L’Alpine A442, pilotée par Jabouille et Bell, abandonnera comme l’année précédente au Mans en 1977. Mais la victoire est proche ! © IXO Collections SAS - Tous droits réservés.  Crédits photo © Renault Communication / D.R.

De Alpine-Renault à Renault-Alpine

L’A442, sous les feux de la rampe, est alignée aux 24 Heures du Mans. En 1976, les activités de Gordini et d’Alpine avaient été regroupées sous une même entité. Gérard Larrousse devait prendre la direction de cette nouvelle structure appelée tout simplement « Renault Sport ». Mais on se concentre sur Le Mans, épreuve pour l’instant prioritaire. Une seule Renault-Alpine A442, en livrée jaune et noire, à moteur turbo, est engagée, avec comme pilotes Jean-Pierre Jabouille et Patrick Tambay. Pole position, record du tour en course... mais abandon à la 11e heure sur ennui de piston. Une nouvelle déconvenue au Mans en 1977 mettra André de Cortanze, le chef de projet, Marcel Hubert, l’aérodynamicien, et Bernard Dudot, l’ingénieur motoriste, sur la sellette. Renault Sport a l’obligation de remporter les 24 Heures, ce qui sera fait, avec panache, en 1978. Ensuite, c’est cap sur la Formule 1, grâce au turbo !

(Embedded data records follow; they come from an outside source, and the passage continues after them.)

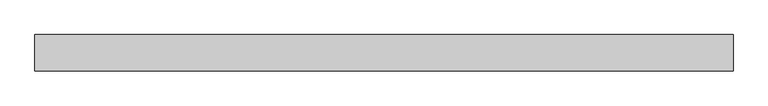
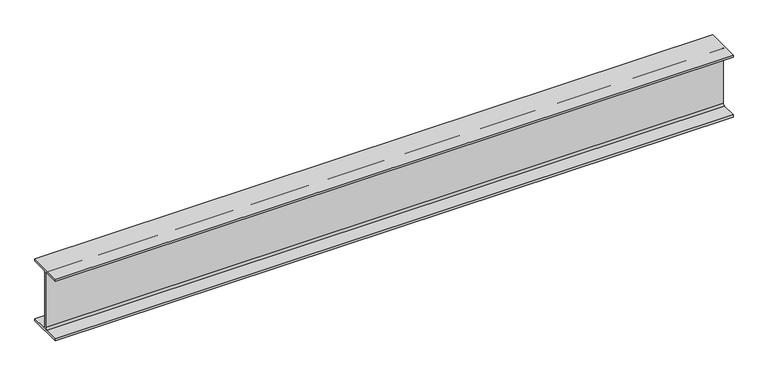
"""IFC4 building model written with IfcOpenShell, lengths in millimetres: beam geometry, Steel Beam_H-KSD3502 : H_SB_ASB_H-250x125x6x9."""

from ifc_helpers import new_model, si_unit, point, frame, frame_2d, origin, place, context, project, spatial, polyline, circle_curve, trimmed, segment, composite_curve, outline, extrude, source, transform, mapped, element, save


def beam_56242eb7(model_context):
    return source(origin(), model_context, "Body", "SweptSolid", [
        extrude(outline(composite_curve([segment(polyline([(82.5, -141.5), (82.5, -151.7), (-82.5, -151.7), (-82.5, -141.5), (-11.9, -141.5)]), True, "CONTINUOUS"), segment(trimmed(circle_curve(frame_2d((-11.9, -132.6)), 8.9), [point((-11.9, -141.5))], [point((-3.0, -132.6))], True, "CARTESIAN"), True, "CONTINUOUS"), segment(polyline([(-3.0, -132.6), (-3.0, 132.6)]), True, "CONTINUOUS"), segment(trimmed(circle_curve(frame_2d((-11.9, 132.6)), 8.9), [point((-3.0, 132.6))], [point((-11.9, 141.5))], True, "CARTESIAN"), True, "CONTINUOUS"), segment(polyline([(-11.9, 141.5), (-82.5, 141.5), (-82.5, 151.7), (82.5, 151.7), (82.5, 141.5), (11.9, 141.5)]), True, "CONTINUOUS"), segment(trimmed(circle_curve(frame_2d((11.9, 132.6)), 8.9), [point((11.9, 141.5))], [point((3.0, 132.6))], True, "CARTESIAN"), True, "CONTINUOUS"), segment(polyline([(3.0, 132.6), (3.0, -132.6)]), True, "CONTINUOUS"), segment(trimmed(circle_curve(frame_2d((11.9, -132.6)), 8.9), [point((3.0, -132.6))], [point((11.9, -141.5))], True, "CARTESIAN"), True, "CONTINUOUS"), segment(polyline([(11.9, -141.5), (82.5, -141.5)]), True, "CONTINUOUS")], self_intersect=False)), frame((-1654.8, 0.0, 0.0), z_axis=(1.0, 0.0, 0.0), x_axis=(0.0, 1.0, 0.0)), (0.0, 0.0, 1.0), 3149.3360727),
    ])


if __name__ == "__main__":
    model = new_model("IFC4")
    model_context = context("Model", 3, world=origin())
    ifc_project = project(units=[si_unit("LENGTHUNIT", "METRE", prefix="MILLI")], contexts=[model_context])
    site = spatial("IfcSite", under=ifc_project)
    building = spatial("IfcBuilding", under=site)
    placement = place(None, origin())
    beam_shape = beam_56242eb7(model_context)
    element("IfcBeam", 1, ObjectType="Steel Beam_H-KSD3502 : H_SB_ASB_H-250x125x6x9", at=placement, inside=building, context=model_context, shape_type="MappedRepresentation", body=[
        mapped(beam_shape, transform((0.0, 0.0, 0.0), x_axis=(1.0, 0.0, 0.0), y_axis=(0.0, 1.0, 0.0), z_axis=(0.0, 0.0, 1.0))),
    ])
    save(model, "model.ifc")

# Revit data of these elements
# Type "Steel Beam_H-KSD3502 : H_SB_ASB_H-250x125x6x9"
#   Width = 12.5 cm
#   Web Thickness = 0.6 cm
#   Web Fillet = 1.2 cm
#   Warping Constant = 42539.8 cm⁶
#   Torsional Moment of Inertia = 7.8102 cm⁴
#   Torsional Modulus = 1.0 cm³
#   Section Area = 37.66 cm²
#   Plastic Modulus weak axis = 73.1 cm³
#   Plastic Modulus strong axis = 366.0 cm³
#   Perimeter = 0.97 m²/m
#   Nominal Weight = 29.60 kgf/m
#   Moment of Inertia weak axis = 294.00 cm⁴
#   Moment of Inertia strong axis = 4050.00 cm⁴
#   Height = 25.0 cm
#   Flange Thickness = 0.9 cm
#   Elastic Modulus weak axis = 47.0 cm³
#   Elastic Modulus strong axis = 324.0 cm³
#   Centroid Vertical = 12.5 cm
#   Centroid Horizontal = 6.25 cm
#   Length [instance default] = 1.5240 m
#   Structural Material [instance default] = Steel, 45-345
#   Assembly Code = ""
# Element 1 (IfcBeam, "Steel Beam_H-KSD3502 : H_SB_ASB_H-250x125x6x9")
#   Structural Material = none
# Materials
#   "Steel, 45-345": class "Metal", colour RGB 189 187 185, transparency 0, Description = "Steel 345 MPa", Cost = 0
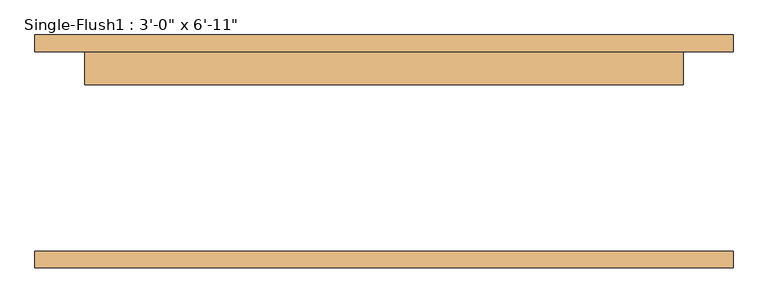
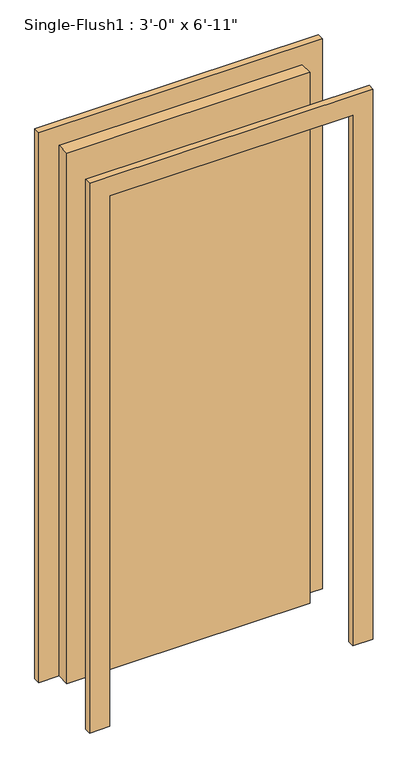
"""IFC4 building model written with IfcOpenShell, lengths in millimetres: door geometry."""

from ifc_helpers import new_model, si_unit, frame, origin, origin_with_axes, place, context, project, spatial, polyline, outline, extrude, source, transform, mapped, element, save


def door_a6ca3d0c(model_context):
    return source(origin(), model_context, "Body", "SweptSolid", [
        extrude(outline(polyline([(2184.4, -533.4), (0.0, -533.4), (0.0, -457.2), (2108.2, -457.2), (2108.2, 457.2), (0.0, 457.2), (0.0, 533.4), (2184.4, 533.4), (2184.4, -533.4)])), frame((0.0, 152.4, 0.0), z_axis=(0.0, 1.0, 0.0), x_axis=(0.0, 0.0, 1.0)), (0.0, 0.0, 1.0), 25.4),
        extrude(outline(polyline([(2184.4, 533.4), (2184.4, -533.4), (0.0, -533.4), (0.0, -457.2), (2108.2, -457.2), (2108.2, 457.2), (0.0, 457.2), (0.0, 533.4), (2184.4, 533.4)])), frame((0.0, -177.8, 0.0), z_axis=(0.0, 1.0, 0.0), x_axis=(0.0, 0.0, 1.0)), (0.0, 0.0, 1.0), 25.4),
        extrude(outline(polyline([(457.2, 101.6), (-457.2, 101.6), (-457.2, 152.4), (457.2, 152.4), (457.2, 101.6)])), origin_with_axes(), (0.0, 0.0, 1.0), 2108.2),
    ])


if __name__ == "__main__":
    model = new_model("IFC4")
    model_context = context("Model", 3, world=origin())
    ifc_project = project(units=[si_unit("LENGTHUNIT", "METRE", prefix="MILLI")], contexts=[model_context])
    site = spatial("IfcSite", under=ifc_project)
    building = spatial("IfcBuilding", under=site)
    placement = place(None, origin())
    door_shape = door_a6ca3d0c(model_context)
    element("IfcDoor", 1, ObjectType="Single-Flush1 : 3'-0\" x 6'-11\"", at=placement, inside=building, context=model_context, shape_type="MappedRepresentation", body=[
        mapped(door_shape, transform((0.0, 0.0, 0.0), x_axis=(1.0, 0.0, 0.0), y_axis=(0.0, 1.0, 0.0), z_axis=(0.0, 0.0, 1.0))),
    ])
    save(model, "model.ifc")

# Revit data of these elements
# Type "Single-Flush1 : 3'-0\" x 6'-11\""
#   Type Mark = "D3"
#   Construction Type Id = "MDOOR"
#   Assembly Code = "C1020"
#   Analytic Construction = "Metal"
#   Thickness = 0' - 2"
#   Heat Transfer Coefficient (U) = 3.7021 W/(m²·K)
#   Height = 6' - 11"
#   Trim Projection Ext = 0' - 1"
#   Trim Projection Int = 0' - 1"
#   Trim Width = 0' - 3"
#   Width = 3' - 0"
#   Door Material = Door - Panel
#   Frame Material = Door - Frame
#   Visual Light Transmittance = 0
#   Solar Heat Gain Coefficient = 0
#   Function = (empty or 0)
#   Wall Closure = (empty or 0)
# Element 1 (IfcDoor, "Single-Flush1 : 3'-0\" x 6'-11\"")
#   Materials on its faces: "Door - Frame", "Door - Panel"
# Materials
#   "Door - Panel": class "Wood", colour RGB 210 159 95, transparency 0, Cost = 0
#   "Door - Frame": class "Miscellaneous", colour RGB 118 70 51, transparency 0, Cost = 0
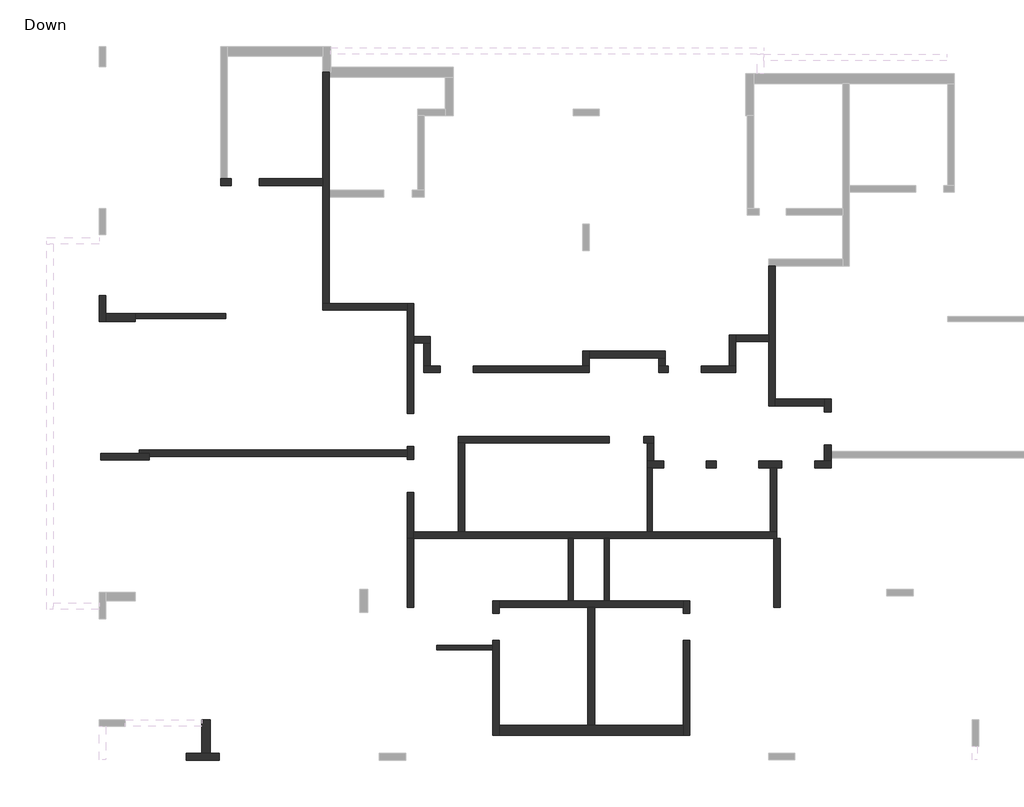
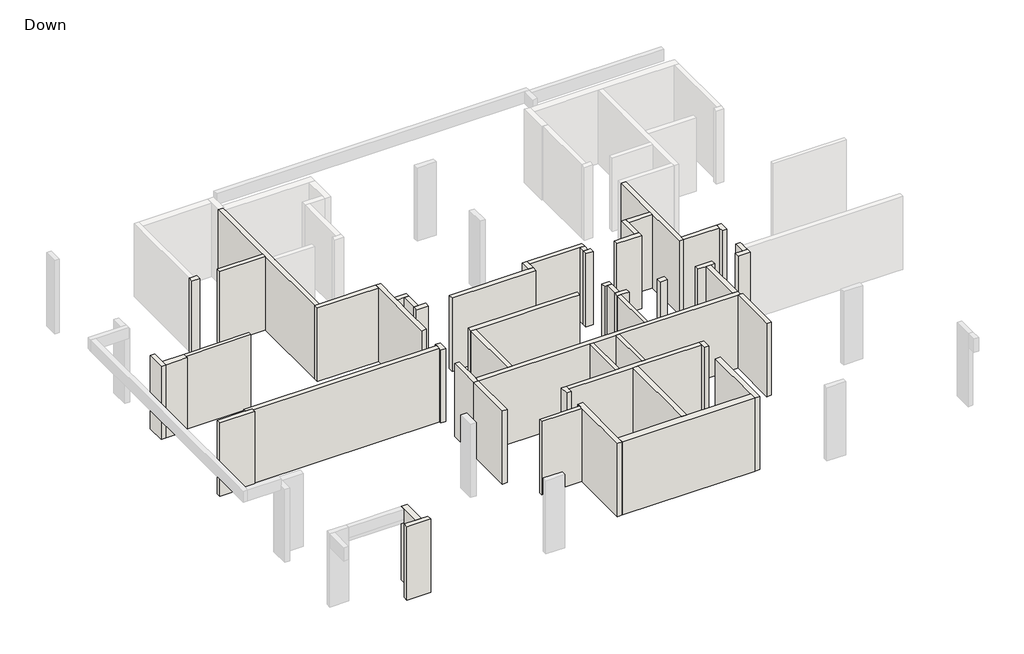
# One storey, part 1 of 2: 52 walls.
# Revit data of these elements (continued)
# Element 4 (IfcWall, "15")
#   Comments = ""
#   Mark = "W73"
#   SOFiSTiK_EdgeZones = "W75"
#   SOFiSTiK_AMG_Comments = ""
#   Top Offset = 0 cm
#   Base Offset = 0 cm
#   wall height = 327 cm
#   SOFiSTiK_AMG_Scheduled = yes
#   SOFiSTiK_AMG_Adjusted = yes
#   Phase Created = New Construction
#   Base Constraint = Down
#   Top Constraint = Typical Floor
#   Materials on its faces: "Concrete"
# Element 5 (IfcWall, "15")
#   Comments = ""
#   Mark = "W75"
#   SOFiSTiK_EdgeZones = "W77"
#   SOFiSTiK_AMG_Comments = ""
#   Top Offset = 0 cm
#   Base Offset = 0 cm
#   wall height = 327 cm
#   SOFiSTiK_AMG_Scheduled = yes
#   SOFiSTiK_AMG_Adjusted = yes
#   Phase Created = New Construction
#   Base Constraint = Down
#   Top Constraint = Typical Floor
#   Materials on its faces: "Concrete"
# Element 6 (IfcWall, "20")
#   Comments = ""
#   Mark = "W1"
#   SOFiSTiK_EdgeZones = "W1"
#   SOFiSTiK_AMG_Comments = ""
#   Top Offset = 0 cm
#   Base Offset = 0 cm
#   wall height = 327 cm
#   SOFiSTiK_AMG_Scheduled = yes
#   SOFiSTiK_AMG_Adjusted = yes
#   Phase Created = New Construction
#   Base Constraint = Down
#   Top Constraint = Typical Floor
#   Materials on its faces: "Concrete"
# Element 7 (IfcWall, "20")
#   Comments = ""
#   Mark = "W2"
#   SOFiSTiK_EdgeZones = "W2"
#   SOFiSTiK_AMG_Comments = ""
#   Top Offset = 0 cm
#   Base Offset = 0 cm
#   wall height = 327 cm
#   SOFiSTiK_AMG_Scheduled = yes
#   SOFiSTiK_AMG_Adjusted = yes
#   Phase Created = New Construction
#   Base Constraint = Down
#   Top Constraint = Typical Floor
#   Materials on its faces: "Concrete"
# Element 8 (IfcWall, "20")
#   Comments = ""
#   Mark = "W3"
#   SOFiSTiK_EdgeZones = "W3"
#   SOFiSTiK_AMG_Comments = ""
#   Top Offset = 0 cm
#   Base Offset = 0 cm
#   wall height = 327 cm
#   SOFiSTiK_AMG_Scheduled = yes
#   SOFiSTiK_AMG_Adjusted = yes
#   Phase Created = New Construction
#   Base Constraint = Down
#   Top Constraint = Typical Floor
#   Materials on its faces: "Concrete"
# Element 9 (IfcWall, "20")
#   Comments = ""
#   Mark = "W4"
#   SOFiSTiK_EdgeZones = "W5"
#   SOFiSTiK_AMG_Comments = ""
#   Top Offset = 0 cm
#   Base Offset = 0 cm
#   wall height = 327 cm
#   SOFiSTiK_AMG_Scheduled = yes
#   SOFiSTiK_AMG_Adjusted = yes
#   Phase Created = New Construction
#   Base Constraint = Down
#   Top Constraint = Typical Floor
#   Materials on its faces: "Concrete"
# Element 10 (IfcWall, "20")
#   Comments = ""
#   Mark = "W5"
#   SOFiSTiK_EdgeZones = "W6"
#   SOFiSTiK_AMG_Comments = ""
#   Top Offset = 0 cm
#   Base Offset = 0 cm
#   wall height = 327 cm
#   SOFiSTiK_AMG_Scheduled = yes
#   SOFiSTiK_AMG_Adjusted = yes
#   Phase Created = New Construction
#   Base Constraint = Down
#   Top Constraint = Typical Floor
#   Materials on its faces: "Concrete"
# Element 11 (IfcWall, "20")
#   Comments = ""
#   Mark = "W6"
#   SOFiSTiK_EdgeZones = "W7"
#   SOFiSTiK_AMG_Comments = ""
#   Top Offset = 0 cm
#   Base Offset = 0 cm
#   wall height = 327 cm
#   SOFiSTiK_AMG_Scheduled = yes
#   SOFiSTiK_AMG_Adjusted = yes
#   Phase Created = New Construction
#   Base Constraint = Down
#   Top Constraint = Typical Floor
#   Materials on its faces: "Concrete"
# Element 12 (IfcWall, "20")
#   Comments = ""
#   Mark = "W7"
#   SOFiSTiK_EdgeZones = "W8"
#   SOFiSTiK_AMG_Comments = ""
#   Top Offset = 0 cm
#   Base Offset = 0 cm
#   wall height = 327 cm
#   SOFiSTiK_AMG_Scheduled = yes
#   SOFiSTiK_AMG_Adjusted = yes
#   Phase Created = New Construction
#   Base Constraint = Down
#   Top Constraint = Typical Floor
#   Materials on its faces: "Concrete"
# Element 13 (IfcWall, "20")
#   Comments = ""
#   Mark = "W9"
#   SOFiSTiK_EdgeZones = "W10"
#   SOFiSTiK_AMG_Comments = ""
#   Top Offset = 0 cm
#   Base Offset = 0 cm
#   wall height = 327 cm
#   SOFiSTiK_AMG_Scheduled = yes
#   SOFiSTiK_AMG_Adjusted = yes
#   Phase Created = New Construction
#   Base Constraint = Down
#   Top Constraint = Typical Floor
#   Materials on its faces: "Concrete"
# Element 14 (IfcWall, "20")
#   Comments = ""
#   Mark = "W14"
#   SOFiSTiK_EdgeZones = "W15"
#   SOFiSTiK_AMG_Comments = ""
#   Top Offset = 0 cm
#   Base Offset = 0 cm
#   wall height = 327 cm
#   SOFiSTiK_AMG_Scheduled = yes
#   SOFiSTiK_AMG_Adjusted = yes
#   Phase Created = New Construction
#   Base Constraint = Down
#   Top Constraint = Typical Floor
#   Materials on its faces: "Concrete"
# Element 15 (IfcWall, "20")
#   Comments = ""
#   Mark = "W15"
#   SOFiSTiK_EdgeZones = "W16"
#   SOFiSTiK_AMG_Comments = ""
#   Top Offset = 0 cm
#   Base Offset = 0 cm
#   wall height = 327 cm
#   SOFiSTiK_AMG_Scheduled = yes
#   SOFiSTiK_AMG_Adjusted = yes
#   Phase Created = New Construction
#   Base Constraint = Down
#   Top Constraint = Typical Floor
#   Materials on its faces: "Concrete"
# Element 16 (IfcWall, "20")
#   Comments = ""
#   Mark = "W16"
#   SOFiSTiK_EdgeZones = "W17"
#   SOFiSTiK_AMG_Comments = ""
#   Top Offset = 0 cm
#   Base Offset = 0 cm
#   wall height = 327 cm
#   SOFiSTiK_AMG_Scheduled = yes
#   SOFiSTiK_AMG_Adjusted = yes
#   Phase Created = New Construction
#   Base Constraint = Down
#   Top Constraint = Typical Floor
#   Materials on its faces: "Concrete"
# Element 17 (IfcWall, "20")
#   Comments = ""
#   Mark = "W17"
#   SOFiSTiK_EdgeZones = "W18"
#   SOFiSTiK_AMG_Comments = ""
#   Top Offset = 0 cm
#   Base Offset = 0 cm
#   wall height = 327 cm
#   SOFiSTiK_AMG_Scheduled = yes
#   SOFiSTiK_AMG_Adjusted = yes
#   Phase Created = New Construction
#   Base Constraint = Down
#   Top Constraint = Typical Floor
#   Materials on its faces: "Concrete"
# Element 18 (IfcWall, "20")
#   Comments = ""
#   Mark = "W18"
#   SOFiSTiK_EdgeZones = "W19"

Ragnotti et Fréquelin termineront au pied du podium, mais Pironi et Jaussaud apporteront la victoire à Renault-Alpine au Mans en 1978. © IXO Collections SAS - Tous droits réservés.  Crédits photo © Renault Communication / D.R.

F2 ou F3 ?

Pour le néophyte, il est particulièrement difficile de différencier les monoplaces courant en F2 et en F3. Mais, si la différence esthétique est minime, le fond, lui, est quelque peu différent, ce qui fait dire à Jean-Luc Lagardère, à l’époque PDG de Matra : « La Formule 3 pour apprendre, la Formule 2 pour s’aguerrir et la Formule 1 pour s’imposer ».

Les F3 sont les bolides les moins performants, limités à 1 litre de cylindrée. Elles doivent utiliser un grand nombre de pièces de grande série, avec des moyens restreints pour en améliorer certaines (qu’il est trop long de développer ici). En tant qu’antichambre de la F1, la F2 (remplacée plus tard par la Formule 3000) est plus permissive. Elle fait également appel  à des automobiles de série, mais produites à 500 exemplaires minimum, ce qui ouvre la porte à des modèles typés course. La cylindrée se limite là à 1 000 cm3 de 1964 à 1966, puis de 1 300  à 1 600 cm3 de 1967 à 1971.

Données • châssis utilisés

• 1964 : A270, ou P64-2 et P64-3 (F2, 1 l Gordini et F3, 1 l Mignotet)

• 1965 : A270

• 1966 : A270 (F3)

• 1967 : A280 (F3, Moteur Moderne 1 l) 

• 1968 : A330 (F3) et A340 (Formule France, 1,255 l Gordini)

• 1969 : A330 (F3) 

• 1970 : A361 (Formule France) 

• 1971 : A360 (F3, 1,6 l Renault) et A361 (Formule France devient Formule Renault)

• 1972 : A364 (F3) et A366 (FR, 1,6 l Gordini) 

• 1973 : comme l’année précédente (source : forums.autosport.com)

Notez que les voitures de Formule France sont équipées du Renault 8 Gordini 1 300 cm3 de 105 ch. Mais, encore une fois, dénouer l’écheveau de l’histoire des Alpine monoplaces est complexe. Même les livres publiés à ce propos ne s’accordent pas tout à fait.